• _TASK_
Please copy every line of the records below that holds the word "linetype".

___ RECORD EXCERPTS ___

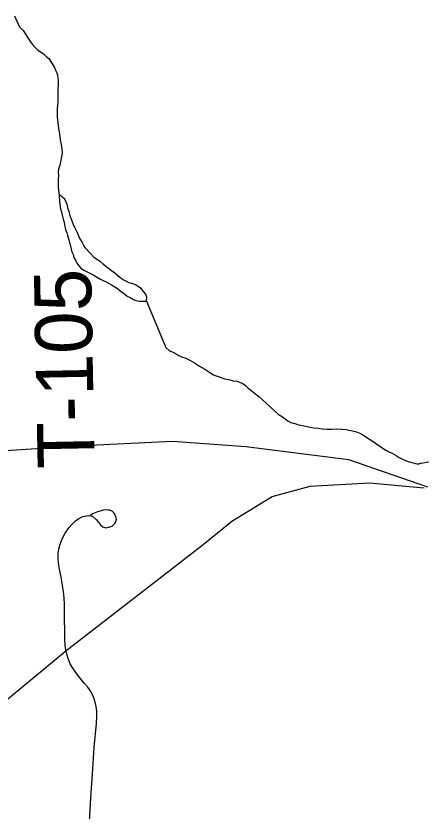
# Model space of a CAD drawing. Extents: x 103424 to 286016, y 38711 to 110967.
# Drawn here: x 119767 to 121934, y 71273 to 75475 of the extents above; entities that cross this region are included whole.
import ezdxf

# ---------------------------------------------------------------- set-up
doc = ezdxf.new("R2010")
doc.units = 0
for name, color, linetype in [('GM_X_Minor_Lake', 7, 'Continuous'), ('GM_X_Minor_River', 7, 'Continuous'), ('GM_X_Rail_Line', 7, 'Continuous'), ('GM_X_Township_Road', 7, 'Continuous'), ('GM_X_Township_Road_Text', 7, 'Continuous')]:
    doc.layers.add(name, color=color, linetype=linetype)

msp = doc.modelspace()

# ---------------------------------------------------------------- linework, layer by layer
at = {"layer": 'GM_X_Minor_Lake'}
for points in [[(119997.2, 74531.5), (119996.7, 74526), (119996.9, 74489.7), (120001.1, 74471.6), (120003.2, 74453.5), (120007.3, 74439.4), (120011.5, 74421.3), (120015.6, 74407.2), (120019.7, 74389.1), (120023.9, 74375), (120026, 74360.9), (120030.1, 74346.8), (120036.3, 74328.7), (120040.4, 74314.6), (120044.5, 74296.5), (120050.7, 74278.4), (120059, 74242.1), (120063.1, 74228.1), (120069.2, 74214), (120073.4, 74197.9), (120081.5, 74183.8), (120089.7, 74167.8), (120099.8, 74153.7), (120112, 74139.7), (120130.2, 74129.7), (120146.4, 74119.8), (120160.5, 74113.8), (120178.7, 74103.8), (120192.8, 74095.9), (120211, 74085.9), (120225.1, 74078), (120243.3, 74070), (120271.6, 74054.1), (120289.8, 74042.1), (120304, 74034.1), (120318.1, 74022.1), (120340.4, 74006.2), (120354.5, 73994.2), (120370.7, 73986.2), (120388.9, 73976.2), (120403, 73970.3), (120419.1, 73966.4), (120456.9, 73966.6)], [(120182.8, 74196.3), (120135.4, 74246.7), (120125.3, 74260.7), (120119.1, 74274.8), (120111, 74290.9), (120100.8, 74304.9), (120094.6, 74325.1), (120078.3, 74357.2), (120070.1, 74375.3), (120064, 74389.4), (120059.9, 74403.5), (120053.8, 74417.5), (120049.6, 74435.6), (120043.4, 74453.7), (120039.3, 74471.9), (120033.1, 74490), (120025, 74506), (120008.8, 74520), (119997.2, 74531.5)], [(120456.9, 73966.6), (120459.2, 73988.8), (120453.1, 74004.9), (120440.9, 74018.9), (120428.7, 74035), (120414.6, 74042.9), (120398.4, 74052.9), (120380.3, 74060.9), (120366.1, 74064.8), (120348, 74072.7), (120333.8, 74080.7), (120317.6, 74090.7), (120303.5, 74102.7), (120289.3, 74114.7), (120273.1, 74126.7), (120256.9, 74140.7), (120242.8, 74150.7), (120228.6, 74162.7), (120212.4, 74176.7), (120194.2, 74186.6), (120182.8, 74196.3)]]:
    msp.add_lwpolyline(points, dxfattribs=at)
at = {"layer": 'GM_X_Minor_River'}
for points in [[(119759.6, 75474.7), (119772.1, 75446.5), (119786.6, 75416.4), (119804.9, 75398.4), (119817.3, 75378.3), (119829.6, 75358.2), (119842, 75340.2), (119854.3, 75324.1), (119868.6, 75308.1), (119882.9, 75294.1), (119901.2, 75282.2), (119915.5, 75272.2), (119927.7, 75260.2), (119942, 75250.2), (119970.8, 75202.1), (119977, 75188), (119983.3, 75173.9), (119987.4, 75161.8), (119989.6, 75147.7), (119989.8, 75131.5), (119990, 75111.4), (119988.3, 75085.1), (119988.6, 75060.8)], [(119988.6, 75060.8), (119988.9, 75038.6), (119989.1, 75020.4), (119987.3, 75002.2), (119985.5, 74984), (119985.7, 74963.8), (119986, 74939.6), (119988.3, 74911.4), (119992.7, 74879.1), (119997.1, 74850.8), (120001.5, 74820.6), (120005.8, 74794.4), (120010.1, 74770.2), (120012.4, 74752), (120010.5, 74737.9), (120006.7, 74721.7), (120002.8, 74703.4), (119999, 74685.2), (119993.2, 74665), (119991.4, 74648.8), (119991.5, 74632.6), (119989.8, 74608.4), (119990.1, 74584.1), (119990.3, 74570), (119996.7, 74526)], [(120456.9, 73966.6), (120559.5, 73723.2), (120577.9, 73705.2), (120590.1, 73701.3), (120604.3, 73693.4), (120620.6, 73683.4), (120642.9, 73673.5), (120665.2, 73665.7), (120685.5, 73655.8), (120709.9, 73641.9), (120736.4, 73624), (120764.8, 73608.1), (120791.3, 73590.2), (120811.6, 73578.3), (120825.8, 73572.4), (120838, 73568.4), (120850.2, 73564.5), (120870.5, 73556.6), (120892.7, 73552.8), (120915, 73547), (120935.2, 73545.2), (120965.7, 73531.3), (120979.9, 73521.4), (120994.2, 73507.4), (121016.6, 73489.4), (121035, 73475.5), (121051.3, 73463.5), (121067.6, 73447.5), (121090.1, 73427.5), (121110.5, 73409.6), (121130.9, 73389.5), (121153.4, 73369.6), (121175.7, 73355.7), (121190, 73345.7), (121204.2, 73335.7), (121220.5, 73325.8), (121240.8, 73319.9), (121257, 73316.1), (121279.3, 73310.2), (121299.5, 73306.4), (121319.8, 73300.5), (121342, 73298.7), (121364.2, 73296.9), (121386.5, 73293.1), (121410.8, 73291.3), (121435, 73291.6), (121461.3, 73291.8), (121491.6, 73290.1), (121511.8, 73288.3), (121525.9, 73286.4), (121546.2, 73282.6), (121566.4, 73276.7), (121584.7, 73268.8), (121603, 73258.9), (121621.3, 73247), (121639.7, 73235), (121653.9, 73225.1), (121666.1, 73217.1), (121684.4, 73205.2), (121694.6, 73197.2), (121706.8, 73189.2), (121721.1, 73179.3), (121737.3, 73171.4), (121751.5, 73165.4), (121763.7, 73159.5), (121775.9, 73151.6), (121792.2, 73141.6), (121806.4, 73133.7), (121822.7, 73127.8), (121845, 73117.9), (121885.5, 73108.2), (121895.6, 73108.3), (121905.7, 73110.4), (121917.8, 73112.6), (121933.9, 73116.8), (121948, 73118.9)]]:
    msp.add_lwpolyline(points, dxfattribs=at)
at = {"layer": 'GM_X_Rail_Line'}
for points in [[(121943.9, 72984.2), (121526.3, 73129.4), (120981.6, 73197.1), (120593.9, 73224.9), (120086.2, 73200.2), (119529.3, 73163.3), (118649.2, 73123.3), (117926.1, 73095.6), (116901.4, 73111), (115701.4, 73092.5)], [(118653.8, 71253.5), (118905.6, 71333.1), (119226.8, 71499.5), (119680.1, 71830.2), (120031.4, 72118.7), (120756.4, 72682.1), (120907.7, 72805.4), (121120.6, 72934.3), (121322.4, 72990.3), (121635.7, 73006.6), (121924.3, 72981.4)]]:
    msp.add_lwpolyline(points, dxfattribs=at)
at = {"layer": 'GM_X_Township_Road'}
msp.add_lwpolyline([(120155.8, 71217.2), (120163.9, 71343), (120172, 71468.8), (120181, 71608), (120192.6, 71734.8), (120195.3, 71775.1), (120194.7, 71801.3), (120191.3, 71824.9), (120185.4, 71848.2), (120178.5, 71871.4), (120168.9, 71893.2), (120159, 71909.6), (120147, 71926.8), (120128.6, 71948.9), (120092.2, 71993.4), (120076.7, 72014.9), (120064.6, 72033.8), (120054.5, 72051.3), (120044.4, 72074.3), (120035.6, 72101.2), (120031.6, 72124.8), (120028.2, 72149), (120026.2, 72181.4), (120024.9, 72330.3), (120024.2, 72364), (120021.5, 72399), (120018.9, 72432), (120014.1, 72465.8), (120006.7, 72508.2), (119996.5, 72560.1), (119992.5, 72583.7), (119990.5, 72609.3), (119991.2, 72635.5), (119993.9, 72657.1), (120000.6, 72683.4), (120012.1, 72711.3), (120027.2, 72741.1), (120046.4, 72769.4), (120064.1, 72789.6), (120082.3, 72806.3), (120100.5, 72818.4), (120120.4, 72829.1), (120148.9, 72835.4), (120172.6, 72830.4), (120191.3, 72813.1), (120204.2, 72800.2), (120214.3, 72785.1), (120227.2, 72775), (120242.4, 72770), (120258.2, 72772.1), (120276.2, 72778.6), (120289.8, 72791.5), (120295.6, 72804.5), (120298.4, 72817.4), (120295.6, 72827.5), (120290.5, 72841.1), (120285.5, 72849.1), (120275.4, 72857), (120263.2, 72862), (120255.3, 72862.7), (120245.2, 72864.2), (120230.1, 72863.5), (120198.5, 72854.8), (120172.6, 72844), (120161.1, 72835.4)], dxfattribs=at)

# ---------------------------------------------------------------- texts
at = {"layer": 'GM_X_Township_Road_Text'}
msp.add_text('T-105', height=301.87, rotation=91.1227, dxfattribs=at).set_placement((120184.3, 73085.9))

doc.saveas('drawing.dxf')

___

• _OUTPUT OF THE TASK_
for name, color, linetype in [('GM_X_Minor_Lake', 7, 'Continuous'), ('GM_X_Minor_River', 7, 'Continuous'), ('GM_X_Rail_Line', 7, 'Continuous'), ('GM_X_Township_Road', 7, 'Continuous'), ('GM_X_Township_Road_Text', 7, 'Continuous')]:
    doc.layers.add(name, color=color, linetype=linetype)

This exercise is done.